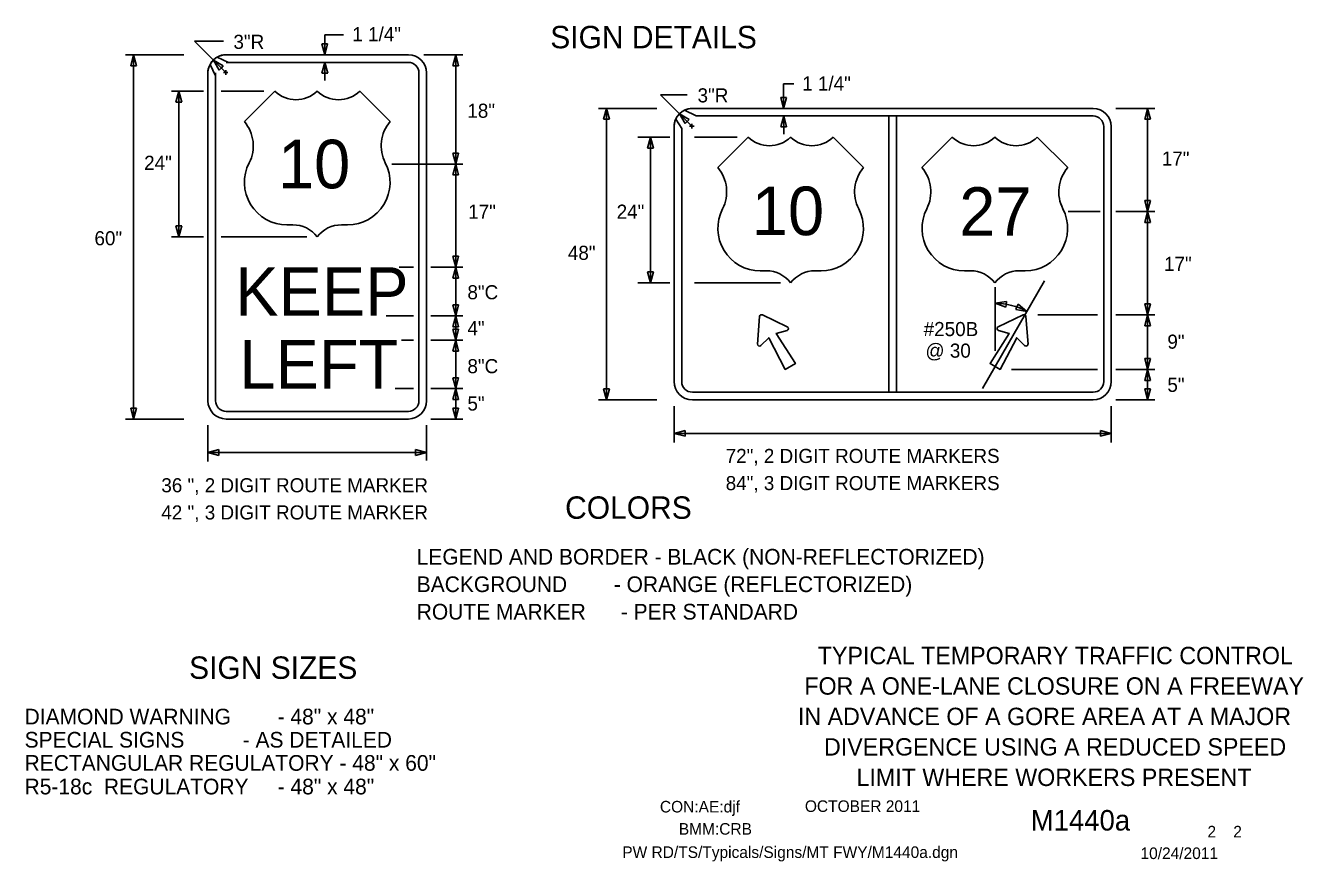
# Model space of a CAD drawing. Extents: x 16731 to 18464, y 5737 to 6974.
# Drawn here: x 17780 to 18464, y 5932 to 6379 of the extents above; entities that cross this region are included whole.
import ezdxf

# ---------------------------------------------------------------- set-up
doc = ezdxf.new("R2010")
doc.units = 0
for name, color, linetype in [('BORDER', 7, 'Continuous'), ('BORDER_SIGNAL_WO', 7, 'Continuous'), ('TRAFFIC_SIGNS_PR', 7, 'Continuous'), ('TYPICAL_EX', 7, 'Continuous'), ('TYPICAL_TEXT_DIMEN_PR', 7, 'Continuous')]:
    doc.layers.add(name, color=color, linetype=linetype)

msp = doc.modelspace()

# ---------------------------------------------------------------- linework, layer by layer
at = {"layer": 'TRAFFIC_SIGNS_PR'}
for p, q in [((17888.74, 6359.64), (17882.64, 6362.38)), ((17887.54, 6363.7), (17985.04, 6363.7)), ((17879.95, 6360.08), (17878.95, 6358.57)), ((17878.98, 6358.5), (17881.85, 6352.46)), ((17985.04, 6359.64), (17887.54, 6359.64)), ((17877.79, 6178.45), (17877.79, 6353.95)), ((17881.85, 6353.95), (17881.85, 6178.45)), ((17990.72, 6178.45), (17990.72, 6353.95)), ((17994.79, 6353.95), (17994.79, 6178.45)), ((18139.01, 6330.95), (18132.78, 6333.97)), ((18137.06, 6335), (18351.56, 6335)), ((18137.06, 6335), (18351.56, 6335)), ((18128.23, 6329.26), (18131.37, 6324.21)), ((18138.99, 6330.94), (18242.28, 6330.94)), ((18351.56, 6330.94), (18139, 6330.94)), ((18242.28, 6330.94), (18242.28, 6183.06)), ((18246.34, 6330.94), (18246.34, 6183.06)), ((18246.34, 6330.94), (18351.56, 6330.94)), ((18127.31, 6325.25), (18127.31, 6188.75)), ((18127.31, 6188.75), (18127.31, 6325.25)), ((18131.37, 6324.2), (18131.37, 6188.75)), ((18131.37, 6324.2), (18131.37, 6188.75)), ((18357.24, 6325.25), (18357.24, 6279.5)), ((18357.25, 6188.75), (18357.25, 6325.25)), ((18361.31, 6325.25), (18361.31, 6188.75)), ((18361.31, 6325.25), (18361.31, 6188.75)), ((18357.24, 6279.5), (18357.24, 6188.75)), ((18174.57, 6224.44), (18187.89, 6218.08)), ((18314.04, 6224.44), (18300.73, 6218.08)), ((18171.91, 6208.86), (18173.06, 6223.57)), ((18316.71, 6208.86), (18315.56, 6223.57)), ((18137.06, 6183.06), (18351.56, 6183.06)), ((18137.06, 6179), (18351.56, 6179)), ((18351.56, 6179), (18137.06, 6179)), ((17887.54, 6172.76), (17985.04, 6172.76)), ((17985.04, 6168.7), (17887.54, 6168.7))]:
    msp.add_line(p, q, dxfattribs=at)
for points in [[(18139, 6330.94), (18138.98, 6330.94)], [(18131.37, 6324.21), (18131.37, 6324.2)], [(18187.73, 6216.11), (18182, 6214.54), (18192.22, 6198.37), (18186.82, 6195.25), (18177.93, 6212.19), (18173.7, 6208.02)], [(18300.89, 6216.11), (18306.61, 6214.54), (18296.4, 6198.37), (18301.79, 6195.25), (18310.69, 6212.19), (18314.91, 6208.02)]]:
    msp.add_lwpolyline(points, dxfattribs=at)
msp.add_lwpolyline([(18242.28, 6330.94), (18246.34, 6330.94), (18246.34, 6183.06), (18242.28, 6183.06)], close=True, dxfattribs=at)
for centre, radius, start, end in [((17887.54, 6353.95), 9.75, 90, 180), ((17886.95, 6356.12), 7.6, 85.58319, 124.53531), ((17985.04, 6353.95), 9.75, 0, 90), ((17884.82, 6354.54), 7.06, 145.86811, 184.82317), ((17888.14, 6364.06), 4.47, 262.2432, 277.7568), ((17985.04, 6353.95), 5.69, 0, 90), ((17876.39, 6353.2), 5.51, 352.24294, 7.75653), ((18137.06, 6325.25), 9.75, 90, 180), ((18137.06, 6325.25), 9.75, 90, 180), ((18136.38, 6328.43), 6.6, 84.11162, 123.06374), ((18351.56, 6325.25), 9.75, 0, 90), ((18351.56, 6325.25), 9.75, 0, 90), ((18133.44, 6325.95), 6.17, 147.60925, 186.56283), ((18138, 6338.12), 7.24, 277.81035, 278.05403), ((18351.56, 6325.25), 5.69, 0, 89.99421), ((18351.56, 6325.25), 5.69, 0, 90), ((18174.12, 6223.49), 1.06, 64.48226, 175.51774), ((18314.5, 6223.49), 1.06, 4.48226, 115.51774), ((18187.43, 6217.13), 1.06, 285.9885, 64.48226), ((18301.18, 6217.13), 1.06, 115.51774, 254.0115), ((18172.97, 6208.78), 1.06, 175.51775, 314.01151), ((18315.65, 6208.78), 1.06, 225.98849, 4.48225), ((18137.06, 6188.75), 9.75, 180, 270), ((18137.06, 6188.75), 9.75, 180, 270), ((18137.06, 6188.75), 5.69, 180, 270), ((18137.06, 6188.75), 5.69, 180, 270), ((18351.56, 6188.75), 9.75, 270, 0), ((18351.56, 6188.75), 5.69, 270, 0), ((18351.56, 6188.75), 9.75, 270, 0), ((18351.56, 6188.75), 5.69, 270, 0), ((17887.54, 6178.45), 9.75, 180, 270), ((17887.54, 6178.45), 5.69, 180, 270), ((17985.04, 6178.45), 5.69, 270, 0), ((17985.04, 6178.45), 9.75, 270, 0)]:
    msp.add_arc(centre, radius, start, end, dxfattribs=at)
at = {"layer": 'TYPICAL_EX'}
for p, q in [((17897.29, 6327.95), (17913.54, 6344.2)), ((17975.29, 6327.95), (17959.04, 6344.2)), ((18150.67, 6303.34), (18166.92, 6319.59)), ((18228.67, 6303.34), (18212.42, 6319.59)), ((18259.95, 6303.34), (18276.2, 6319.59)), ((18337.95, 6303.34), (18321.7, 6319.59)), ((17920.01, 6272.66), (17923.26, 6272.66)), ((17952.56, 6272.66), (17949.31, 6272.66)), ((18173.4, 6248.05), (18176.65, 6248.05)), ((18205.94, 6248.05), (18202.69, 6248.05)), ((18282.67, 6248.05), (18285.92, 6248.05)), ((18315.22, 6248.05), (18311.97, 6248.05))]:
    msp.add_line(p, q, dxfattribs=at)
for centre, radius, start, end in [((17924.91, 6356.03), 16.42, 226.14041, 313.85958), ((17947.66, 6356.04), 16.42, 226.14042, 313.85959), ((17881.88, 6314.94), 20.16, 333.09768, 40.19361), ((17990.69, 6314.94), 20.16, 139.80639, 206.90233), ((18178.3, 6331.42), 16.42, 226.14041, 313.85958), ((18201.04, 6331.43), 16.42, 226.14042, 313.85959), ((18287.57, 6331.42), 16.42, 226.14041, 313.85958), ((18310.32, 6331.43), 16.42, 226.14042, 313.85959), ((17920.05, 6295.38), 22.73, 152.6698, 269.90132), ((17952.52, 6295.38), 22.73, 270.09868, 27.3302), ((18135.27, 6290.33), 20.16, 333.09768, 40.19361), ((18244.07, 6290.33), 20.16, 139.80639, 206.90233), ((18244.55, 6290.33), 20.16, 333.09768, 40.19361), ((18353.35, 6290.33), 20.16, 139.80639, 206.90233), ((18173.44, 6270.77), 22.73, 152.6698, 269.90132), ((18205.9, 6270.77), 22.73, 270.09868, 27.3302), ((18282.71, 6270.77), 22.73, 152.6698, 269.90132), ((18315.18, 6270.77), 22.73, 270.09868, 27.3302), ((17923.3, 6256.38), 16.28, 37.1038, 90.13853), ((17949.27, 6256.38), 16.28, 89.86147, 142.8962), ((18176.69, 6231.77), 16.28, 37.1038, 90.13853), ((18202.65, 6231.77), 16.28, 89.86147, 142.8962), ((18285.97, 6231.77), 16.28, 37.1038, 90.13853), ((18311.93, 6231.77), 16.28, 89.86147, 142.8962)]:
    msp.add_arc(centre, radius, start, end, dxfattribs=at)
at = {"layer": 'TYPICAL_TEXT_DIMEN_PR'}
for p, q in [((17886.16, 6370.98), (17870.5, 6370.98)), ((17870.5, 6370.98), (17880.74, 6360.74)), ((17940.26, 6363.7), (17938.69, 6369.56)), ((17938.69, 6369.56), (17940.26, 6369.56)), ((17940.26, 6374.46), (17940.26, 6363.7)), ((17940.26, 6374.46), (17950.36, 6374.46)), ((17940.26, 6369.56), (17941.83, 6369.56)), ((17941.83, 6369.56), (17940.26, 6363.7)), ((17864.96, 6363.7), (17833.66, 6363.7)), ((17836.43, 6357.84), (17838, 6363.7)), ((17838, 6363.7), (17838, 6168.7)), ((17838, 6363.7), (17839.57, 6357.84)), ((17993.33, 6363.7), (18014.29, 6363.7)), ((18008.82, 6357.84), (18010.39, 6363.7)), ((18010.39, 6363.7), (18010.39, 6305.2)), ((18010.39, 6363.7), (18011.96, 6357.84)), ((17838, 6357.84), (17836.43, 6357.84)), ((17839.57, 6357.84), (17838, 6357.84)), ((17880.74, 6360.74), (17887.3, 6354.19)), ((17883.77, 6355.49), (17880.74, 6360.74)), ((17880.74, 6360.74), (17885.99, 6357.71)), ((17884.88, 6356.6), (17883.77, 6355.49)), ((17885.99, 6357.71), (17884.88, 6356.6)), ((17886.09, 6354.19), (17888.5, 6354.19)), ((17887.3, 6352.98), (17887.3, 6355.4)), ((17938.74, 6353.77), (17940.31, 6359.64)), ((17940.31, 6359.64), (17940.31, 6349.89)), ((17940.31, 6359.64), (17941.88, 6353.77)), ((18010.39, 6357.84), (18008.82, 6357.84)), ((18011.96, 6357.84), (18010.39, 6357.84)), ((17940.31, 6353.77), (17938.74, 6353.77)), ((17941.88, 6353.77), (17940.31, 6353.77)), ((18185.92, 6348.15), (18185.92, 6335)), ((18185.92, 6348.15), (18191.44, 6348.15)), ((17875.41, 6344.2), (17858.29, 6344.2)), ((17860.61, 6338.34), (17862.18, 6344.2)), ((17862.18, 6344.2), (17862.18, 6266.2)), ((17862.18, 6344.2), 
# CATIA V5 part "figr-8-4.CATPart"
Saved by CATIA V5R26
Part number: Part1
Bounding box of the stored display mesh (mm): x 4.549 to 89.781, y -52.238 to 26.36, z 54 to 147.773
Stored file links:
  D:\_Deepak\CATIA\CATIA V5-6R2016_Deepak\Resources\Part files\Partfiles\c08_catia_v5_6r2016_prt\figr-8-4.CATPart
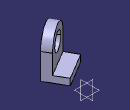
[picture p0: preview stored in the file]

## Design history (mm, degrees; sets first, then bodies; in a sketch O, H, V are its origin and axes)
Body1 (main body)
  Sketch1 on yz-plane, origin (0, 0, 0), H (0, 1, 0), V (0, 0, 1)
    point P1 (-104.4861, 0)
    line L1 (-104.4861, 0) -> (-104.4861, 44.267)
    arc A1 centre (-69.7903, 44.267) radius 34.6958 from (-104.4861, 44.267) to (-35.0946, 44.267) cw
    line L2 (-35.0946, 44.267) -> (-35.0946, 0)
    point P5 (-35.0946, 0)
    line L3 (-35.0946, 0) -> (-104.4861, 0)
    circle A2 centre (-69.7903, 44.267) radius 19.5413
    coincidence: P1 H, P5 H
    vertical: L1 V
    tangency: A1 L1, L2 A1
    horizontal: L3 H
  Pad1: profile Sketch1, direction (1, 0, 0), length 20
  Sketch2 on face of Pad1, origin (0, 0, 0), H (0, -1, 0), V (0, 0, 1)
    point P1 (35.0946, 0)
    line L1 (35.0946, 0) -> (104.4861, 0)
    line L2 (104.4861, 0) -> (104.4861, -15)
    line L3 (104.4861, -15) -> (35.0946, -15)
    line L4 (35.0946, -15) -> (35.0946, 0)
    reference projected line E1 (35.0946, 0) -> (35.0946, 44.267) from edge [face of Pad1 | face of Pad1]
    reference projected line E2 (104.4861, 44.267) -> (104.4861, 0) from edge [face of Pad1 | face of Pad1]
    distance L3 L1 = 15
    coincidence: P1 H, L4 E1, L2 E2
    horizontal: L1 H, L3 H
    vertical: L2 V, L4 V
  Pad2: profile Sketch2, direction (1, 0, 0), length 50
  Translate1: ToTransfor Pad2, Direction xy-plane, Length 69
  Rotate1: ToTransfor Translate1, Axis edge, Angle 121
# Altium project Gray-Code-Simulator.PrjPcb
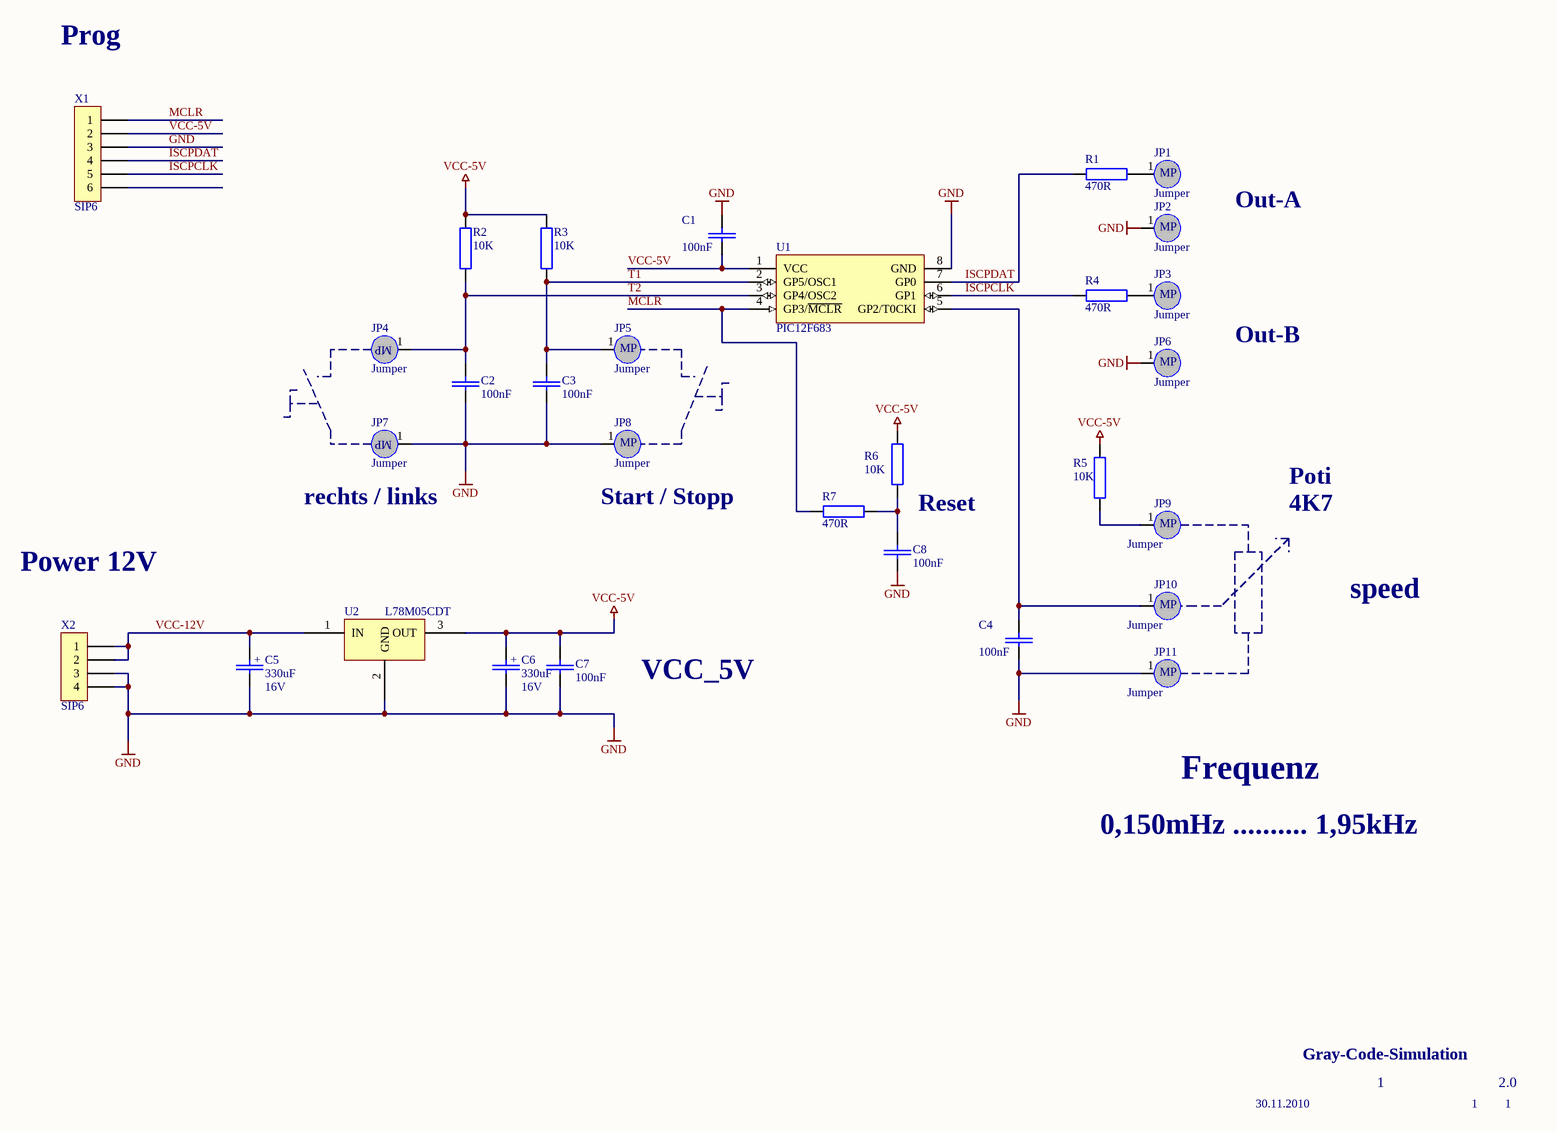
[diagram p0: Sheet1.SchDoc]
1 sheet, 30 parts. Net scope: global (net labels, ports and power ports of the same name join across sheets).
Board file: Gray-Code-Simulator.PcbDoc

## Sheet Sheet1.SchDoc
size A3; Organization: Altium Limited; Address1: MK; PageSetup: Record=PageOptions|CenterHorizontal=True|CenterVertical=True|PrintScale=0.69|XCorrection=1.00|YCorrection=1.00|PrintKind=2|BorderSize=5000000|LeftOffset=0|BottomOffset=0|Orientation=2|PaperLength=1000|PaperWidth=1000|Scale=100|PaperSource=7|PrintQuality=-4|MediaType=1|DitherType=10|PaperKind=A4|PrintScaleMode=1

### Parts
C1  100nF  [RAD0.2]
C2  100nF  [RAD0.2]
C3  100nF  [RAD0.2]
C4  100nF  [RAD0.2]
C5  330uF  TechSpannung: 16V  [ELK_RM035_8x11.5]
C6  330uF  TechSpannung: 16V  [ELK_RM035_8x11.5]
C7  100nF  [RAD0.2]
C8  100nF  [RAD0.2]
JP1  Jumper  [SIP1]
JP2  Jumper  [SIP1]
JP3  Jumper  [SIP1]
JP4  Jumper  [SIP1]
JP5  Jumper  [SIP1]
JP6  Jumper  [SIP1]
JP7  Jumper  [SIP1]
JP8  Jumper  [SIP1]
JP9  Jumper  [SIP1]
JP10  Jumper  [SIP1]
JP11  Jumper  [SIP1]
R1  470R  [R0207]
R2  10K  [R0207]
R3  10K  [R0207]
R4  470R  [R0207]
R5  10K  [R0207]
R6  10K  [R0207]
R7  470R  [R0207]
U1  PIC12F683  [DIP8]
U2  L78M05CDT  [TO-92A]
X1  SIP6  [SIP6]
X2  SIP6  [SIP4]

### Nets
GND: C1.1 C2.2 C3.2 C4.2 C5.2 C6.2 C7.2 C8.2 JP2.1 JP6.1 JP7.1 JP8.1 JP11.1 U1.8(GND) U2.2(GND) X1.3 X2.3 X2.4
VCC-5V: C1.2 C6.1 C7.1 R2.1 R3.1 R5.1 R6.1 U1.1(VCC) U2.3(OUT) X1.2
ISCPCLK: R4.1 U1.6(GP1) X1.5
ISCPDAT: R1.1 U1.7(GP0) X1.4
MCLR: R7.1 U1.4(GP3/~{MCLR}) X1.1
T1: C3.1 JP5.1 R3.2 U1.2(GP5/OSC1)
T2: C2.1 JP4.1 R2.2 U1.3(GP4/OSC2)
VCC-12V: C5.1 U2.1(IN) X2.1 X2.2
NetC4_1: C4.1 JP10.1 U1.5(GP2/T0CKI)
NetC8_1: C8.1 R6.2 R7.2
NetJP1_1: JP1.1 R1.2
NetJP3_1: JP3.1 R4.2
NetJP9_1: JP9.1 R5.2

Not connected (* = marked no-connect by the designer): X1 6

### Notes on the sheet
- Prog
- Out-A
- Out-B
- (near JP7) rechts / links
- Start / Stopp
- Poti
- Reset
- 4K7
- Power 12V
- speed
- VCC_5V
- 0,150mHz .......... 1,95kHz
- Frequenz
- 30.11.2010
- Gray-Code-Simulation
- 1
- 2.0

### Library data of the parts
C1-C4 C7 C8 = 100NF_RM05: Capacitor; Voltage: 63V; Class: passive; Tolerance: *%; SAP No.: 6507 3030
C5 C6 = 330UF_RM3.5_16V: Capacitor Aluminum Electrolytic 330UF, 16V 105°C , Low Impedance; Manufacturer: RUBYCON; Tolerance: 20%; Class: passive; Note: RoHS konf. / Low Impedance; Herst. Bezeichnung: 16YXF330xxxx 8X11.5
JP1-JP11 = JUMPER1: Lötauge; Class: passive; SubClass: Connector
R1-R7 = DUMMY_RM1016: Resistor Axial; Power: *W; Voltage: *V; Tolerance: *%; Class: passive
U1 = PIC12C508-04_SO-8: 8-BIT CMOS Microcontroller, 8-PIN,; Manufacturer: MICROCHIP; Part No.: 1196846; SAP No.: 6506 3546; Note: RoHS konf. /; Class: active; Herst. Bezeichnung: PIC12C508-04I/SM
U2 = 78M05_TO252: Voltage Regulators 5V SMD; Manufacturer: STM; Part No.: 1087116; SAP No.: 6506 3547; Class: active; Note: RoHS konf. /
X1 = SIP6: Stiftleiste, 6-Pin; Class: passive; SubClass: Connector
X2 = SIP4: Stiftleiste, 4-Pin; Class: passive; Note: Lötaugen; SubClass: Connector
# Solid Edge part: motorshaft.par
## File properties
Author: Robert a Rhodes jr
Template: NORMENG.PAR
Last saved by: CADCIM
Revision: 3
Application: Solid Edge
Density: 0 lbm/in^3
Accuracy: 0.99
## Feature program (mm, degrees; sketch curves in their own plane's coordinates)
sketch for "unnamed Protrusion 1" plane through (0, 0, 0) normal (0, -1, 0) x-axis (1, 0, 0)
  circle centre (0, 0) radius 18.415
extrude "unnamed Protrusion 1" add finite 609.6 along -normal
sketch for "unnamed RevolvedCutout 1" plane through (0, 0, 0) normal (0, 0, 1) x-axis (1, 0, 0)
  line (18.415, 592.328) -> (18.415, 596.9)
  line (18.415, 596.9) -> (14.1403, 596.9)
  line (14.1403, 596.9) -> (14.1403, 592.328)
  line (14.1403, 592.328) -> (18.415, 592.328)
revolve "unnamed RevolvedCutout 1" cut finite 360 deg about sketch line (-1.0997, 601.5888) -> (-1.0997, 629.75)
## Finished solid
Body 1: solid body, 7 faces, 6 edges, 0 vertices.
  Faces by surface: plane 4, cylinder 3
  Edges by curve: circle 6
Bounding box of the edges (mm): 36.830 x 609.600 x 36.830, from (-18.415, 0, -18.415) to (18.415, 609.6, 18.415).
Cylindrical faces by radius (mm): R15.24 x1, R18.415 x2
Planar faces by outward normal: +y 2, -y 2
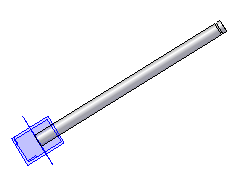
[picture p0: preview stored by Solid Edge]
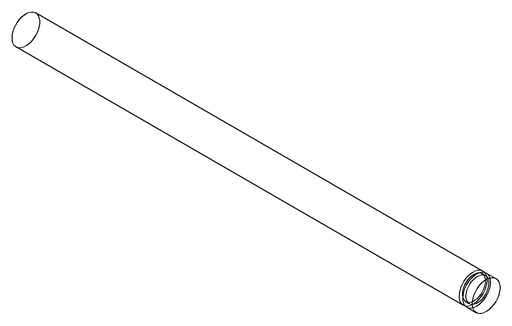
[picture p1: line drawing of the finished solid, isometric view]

#### About this task:
Go from the first line of the data above to the line containing "import ezdxf" and retype exactly those lines, both included, but none of the pictures.

#### Expected output:
# Model space of a CAD drawing. Extents: x 16731 to 18464, y 5737 to 6974.
# Drawn here: x 17780 to 18464, y 5932 to 6379 of the extents above; entities that cross this region are included whole.
import ezdxf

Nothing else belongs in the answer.